◆ **What the task asks**
Repeat word for word the lines from the top of the records through the line containing "import ezdxf", and skip the pictures.

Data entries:
+===+

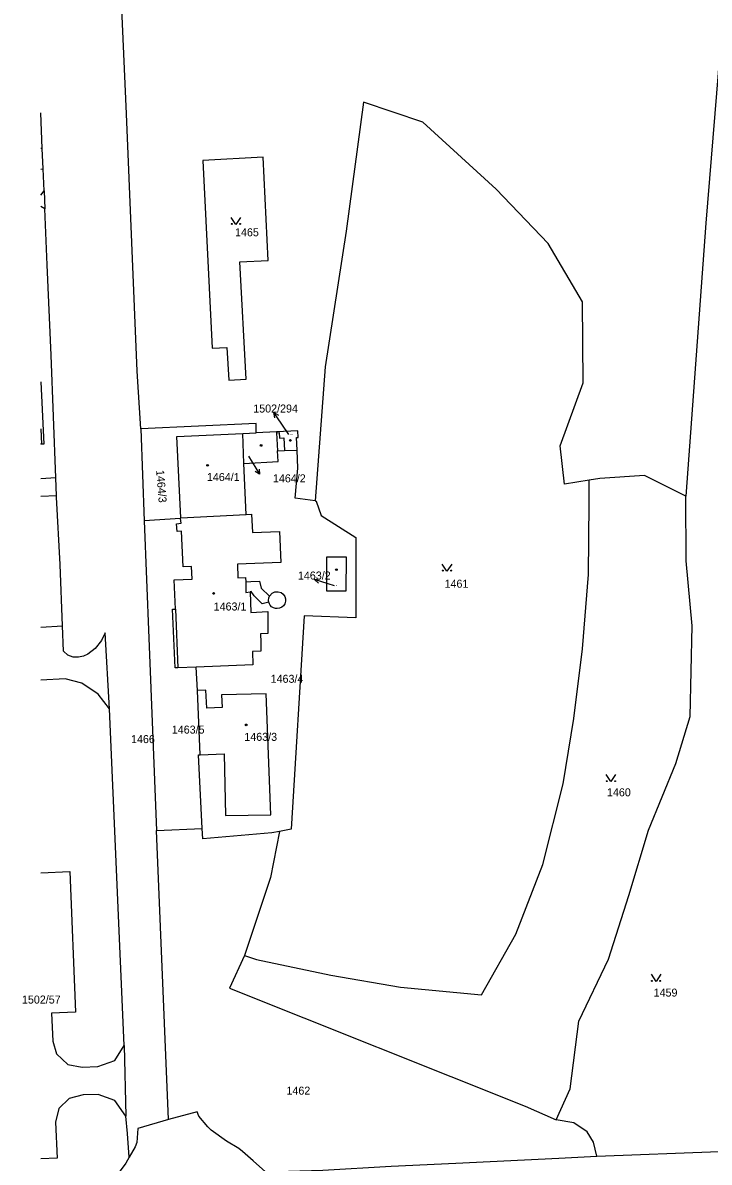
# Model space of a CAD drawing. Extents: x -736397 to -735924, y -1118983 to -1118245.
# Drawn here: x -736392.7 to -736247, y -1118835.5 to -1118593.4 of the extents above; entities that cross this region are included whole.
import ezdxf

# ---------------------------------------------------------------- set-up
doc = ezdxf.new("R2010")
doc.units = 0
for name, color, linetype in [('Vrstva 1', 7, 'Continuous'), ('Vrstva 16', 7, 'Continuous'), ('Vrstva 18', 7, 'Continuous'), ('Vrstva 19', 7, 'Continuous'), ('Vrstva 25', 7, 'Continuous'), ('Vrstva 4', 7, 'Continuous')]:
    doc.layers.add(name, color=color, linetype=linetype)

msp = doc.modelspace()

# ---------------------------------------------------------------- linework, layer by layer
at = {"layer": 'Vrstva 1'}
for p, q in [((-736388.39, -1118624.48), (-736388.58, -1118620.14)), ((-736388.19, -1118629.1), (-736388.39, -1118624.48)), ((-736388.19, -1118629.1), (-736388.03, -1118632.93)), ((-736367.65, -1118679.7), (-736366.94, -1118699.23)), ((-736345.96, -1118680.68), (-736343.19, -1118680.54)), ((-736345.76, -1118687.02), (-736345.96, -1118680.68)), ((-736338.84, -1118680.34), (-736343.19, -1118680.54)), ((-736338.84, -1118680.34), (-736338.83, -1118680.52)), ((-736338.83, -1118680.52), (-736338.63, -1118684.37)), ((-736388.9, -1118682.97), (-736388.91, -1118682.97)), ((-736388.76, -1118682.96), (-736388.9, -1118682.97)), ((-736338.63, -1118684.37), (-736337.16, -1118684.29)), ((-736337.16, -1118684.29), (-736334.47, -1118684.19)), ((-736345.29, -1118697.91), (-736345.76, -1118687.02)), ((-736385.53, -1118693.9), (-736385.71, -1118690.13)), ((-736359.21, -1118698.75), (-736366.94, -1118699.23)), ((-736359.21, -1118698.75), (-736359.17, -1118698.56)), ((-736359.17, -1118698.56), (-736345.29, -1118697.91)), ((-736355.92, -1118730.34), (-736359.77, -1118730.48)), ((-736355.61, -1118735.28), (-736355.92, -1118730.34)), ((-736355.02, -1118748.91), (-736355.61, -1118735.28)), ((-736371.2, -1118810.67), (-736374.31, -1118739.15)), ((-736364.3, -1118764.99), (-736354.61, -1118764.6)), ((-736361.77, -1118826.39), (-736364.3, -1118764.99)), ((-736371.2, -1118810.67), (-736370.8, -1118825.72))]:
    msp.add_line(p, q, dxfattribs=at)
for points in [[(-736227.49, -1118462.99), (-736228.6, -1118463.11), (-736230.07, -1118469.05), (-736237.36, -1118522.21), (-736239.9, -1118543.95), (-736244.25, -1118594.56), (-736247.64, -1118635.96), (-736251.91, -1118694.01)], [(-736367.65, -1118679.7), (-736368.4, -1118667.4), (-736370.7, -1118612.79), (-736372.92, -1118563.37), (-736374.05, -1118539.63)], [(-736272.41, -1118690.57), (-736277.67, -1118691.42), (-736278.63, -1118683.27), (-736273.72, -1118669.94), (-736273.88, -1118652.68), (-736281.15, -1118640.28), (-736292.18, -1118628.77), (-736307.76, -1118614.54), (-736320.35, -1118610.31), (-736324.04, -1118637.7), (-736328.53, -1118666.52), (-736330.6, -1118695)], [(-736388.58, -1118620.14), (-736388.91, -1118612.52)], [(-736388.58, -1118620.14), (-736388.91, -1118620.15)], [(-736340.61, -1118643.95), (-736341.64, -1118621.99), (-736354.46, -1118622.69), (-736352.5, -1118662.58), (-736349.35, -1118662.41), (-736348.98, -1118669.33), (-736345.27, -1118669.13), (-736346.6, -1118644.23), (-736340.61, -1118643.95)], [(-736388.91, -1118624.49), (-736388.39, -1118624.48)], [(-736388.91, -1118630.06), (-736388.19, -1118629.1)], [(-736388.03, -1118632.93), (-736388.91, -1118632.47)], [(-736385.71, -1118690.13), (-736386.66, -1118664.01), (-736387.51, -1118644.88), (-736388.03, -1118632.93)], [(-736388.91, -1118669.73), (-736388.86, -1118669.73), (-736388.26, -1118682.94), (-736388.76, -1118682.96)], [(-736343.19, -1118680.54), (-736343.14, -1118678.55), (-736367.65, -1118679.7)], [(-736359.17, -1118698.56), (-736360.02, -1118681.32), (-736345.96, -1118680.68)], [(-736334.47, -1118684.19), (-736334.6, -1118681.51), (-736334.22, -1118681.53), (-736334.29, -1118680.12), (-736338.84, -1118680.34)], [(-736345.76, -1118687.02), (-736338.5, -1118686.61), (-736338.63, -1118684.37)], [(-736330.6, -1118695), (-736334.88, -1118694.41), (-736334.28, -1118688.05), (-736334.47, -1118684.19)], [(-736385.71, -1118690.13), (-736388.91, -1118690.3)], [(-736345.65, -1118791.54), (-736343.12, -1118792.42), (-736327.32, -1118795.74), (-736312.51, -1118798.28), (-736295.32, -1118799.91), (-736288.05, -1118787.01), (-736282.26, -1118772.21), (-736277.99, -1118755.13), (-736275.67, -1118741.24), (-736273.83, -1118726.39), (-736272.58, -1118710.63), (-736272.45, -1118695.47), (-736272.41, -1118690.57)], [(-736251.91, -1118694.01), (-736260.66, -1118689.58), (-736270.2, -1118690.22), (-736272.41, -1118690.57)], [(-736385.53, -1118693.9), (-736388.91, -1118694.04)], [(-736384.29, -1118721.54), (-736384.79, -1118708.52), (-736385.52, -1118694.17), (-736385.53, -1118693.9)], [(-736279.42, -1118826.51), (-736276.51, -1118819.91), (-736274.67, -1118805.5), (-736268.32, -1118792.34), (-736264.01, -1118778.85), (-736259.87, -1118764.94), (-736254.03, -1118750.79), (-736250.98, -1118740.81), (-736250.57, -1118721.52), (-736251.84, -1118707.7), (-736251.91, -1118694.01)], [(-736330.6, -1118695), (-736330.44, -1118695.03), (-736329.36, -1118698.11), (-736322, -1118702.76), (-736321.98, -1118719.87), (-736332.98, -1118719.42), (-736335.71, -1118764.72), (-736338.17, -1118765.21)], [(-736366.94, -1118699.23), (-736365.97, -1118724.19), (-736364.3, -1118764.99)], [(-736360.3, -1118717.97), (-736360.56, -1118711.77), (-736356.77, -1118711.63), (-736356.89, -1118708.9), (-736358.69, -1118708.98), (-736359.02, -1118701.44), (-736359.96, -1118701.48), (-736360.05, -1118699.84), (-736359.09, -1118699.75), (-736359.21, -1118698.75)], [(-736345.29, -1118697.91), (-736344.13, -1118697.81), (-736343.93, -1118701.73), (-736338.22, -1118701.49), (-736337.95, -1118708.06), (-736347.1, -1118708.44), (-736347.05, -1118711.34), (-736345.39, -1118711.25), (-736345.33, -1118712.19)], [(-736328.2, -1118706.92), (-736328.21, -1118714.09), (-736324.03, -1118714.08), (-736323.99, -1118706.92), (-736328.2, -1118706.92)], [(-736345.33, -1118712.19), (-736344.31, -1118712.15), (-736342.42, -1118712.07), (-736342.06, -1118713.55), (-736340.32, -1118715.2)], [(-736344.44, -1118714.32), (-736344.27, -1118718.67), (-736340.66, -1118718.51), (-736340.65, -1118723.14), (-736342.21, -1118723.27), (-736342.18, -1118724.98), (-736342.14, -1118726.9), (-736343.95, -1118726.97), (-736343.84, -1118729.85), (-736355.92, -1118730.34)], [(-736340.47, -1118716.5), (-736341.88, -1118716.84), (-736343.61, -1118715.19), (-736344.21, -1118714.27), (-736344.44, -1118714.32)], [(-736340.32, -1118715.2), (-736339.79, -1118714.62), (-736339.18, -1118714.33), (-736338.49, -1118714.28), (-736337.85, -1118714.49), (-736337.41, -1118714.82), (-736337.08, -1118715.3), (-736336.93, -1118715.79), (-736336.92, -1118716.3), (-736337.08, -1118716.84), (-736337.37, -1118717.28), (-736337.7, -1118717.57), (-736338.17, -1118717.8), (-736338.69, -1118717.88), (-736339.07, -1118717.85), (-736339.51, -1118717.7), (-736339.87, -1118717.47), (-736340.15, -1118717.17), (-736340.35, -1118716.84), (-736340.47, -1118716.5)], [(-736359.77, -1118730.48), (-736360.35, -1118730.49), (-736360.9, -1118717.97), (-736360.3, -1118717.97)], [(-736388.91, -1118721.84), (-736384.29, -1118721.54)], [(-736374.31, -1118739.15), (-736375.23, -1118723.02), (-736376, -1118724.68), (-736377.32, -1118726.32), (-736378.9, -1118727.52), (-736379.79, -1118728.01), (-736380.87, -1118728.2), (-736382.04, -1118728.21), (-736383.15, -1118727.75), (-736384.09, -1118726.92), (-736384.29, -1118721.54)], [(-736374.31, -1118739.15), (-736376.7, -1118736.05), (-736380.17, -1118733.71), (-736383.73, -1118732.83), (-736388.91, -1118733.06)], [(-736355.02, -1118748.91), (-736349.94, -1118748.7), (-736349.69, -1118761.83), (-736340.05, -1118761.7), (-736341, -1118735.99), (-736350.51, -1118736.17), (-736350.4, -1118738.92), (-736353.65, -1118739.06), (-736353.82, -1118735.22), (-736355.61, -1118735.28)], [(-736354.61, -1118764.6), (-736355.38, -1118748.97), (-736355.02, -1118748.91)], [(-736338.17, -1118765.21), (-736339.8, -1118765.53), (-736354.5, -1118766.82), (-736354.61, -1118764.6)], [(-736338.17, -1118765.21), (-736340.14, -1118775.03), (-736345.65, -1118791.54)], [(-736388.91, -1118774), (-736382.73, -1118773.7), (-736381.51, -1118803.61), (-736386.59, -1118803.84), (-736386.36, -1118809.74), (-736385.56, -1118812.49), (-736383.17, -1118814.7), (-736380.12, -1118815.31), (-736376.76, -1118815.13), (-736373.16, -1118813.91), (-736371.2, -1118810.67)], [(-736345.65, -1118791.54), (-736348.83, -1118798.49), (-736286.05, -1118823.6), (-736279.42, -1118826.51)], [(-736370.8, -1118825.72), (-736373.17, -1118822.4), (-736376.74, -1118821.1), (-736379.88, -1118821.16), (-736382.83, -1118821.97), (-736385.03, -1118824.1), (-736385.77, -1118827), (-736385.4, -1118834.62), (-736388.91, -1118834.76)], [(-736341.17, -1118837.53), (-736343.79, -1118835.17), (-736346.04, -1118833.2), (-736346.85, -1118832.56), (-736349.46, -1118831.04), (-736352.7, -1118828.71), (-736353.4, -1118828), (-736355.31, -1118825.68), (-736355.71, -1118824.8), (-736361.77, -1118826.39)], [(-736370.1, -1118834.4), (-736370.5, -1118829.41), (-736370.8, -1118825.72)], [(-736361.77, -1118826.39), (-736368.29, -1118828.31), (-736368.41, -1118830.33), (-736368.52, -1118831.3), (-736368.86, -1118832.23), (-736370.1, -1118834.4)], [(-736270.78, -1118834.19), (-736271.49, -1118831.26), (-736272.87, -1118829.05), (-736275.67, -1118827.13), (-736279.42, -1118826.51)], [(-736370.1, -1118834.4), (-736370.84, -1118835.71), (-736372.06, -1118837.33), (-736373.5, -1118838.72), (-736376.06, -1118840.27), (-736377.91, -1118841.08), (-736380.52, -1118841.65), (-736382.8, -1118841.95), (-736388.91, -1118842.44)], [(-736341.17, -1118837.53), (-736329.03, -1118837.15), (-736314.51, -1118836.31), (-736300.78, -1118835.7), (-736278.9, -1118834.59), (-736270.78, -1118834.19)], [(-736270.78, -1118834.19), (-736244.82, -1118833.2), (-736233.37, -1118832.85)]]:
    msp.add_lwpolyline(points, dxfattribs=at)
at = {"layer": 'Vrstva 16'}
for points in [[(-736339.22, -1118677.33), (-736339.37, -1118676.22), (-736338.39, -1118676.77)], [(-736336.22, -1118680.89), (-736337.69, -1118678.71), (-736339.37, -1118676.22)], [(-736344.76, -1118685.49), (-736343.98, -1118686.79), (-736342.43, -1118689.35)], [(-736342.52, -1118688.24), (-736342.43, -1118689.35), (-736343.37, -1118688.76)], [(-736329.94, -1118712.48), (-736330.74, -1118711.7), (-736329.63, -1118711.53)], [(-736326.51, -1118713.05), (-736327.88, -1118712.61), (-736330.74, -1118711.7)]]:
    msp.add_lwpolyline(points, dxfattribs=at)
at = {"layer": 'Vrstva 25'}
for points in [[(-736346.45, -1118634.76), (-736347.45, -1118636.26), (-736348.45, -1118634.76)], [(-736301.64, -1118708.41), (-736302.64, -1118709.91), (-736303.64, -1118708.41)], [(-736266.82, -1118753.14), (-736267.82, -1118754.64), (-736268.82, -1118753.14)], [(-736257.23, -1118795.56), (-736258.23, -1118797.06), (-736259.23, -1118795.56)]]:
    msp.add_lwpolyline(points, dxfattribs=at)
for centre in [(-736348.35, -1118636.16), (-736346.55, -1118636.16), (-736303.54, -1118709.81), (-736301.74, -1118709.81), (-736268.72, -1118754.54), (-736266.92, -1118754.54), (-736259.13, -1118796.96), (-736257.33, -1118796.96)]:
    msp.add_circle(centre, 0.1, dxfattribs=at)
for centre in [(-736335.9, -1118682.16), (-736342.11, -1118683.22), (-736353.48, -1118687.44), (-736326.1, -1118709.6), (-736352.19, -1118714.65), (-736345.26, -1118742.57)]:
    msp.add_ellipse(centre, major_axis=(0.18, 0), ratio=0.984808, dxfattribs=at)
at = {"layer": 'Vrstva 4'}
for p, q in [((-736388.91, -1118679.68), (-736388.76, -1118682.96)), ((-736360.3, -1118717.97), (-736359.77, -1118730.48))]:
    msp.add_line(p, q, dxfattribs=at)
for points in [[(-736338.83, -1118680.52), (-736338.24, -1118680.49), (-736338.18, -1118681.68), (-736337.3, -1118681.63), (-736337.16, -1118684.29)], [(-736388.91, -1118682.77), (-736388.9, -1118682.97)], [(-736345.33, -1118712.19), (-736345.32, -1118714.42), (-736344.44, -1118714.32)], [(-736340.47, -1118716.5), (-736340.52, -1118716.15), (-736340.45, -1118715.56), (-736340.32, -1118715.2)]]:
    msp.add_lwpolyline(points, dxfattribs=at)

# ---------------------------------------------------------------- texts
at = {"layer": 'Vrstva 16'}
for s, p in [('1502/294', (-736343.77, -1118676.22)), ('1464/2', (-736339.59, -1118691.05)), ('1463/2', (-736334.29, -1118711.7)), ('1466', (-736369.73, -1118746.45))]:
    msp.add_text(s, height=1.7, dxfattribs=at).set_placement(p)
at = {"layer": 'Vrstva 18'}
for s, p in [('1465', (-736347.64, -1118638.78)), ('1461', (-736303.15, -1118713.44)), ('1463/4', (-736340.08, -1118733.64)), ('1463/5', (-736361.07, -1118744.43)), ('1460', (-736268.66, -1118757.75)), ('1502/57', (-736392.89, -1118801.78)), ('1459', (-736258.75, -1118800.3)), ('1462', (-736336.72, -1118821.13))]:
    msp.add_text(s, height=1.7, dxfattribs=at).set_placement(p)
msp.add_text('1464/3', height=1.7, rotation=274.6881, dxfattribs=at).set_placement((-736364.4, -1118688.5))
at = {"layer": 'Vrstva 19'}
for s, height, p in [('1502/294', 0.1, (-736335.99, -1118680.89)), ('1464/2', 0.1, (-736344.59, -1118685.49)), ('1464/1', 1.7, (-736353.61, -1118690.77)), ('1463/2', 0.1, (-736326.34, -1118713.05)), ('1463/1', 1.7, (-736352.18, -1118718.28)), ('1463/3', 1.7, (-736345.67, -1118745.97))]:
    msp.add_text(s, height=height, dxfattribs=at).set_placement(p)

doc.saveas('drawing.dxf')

+===+

◆ **Result of this task**
# Model space of a CAD drawing. Extents: x -736397 to -735924, y -1118983 to -1118245.
# Drawn here: x -736392.7 to -736247, y -1118835.5 to -1118593.4 of the extents above; entities that cross this region are included whole.
import ezdxf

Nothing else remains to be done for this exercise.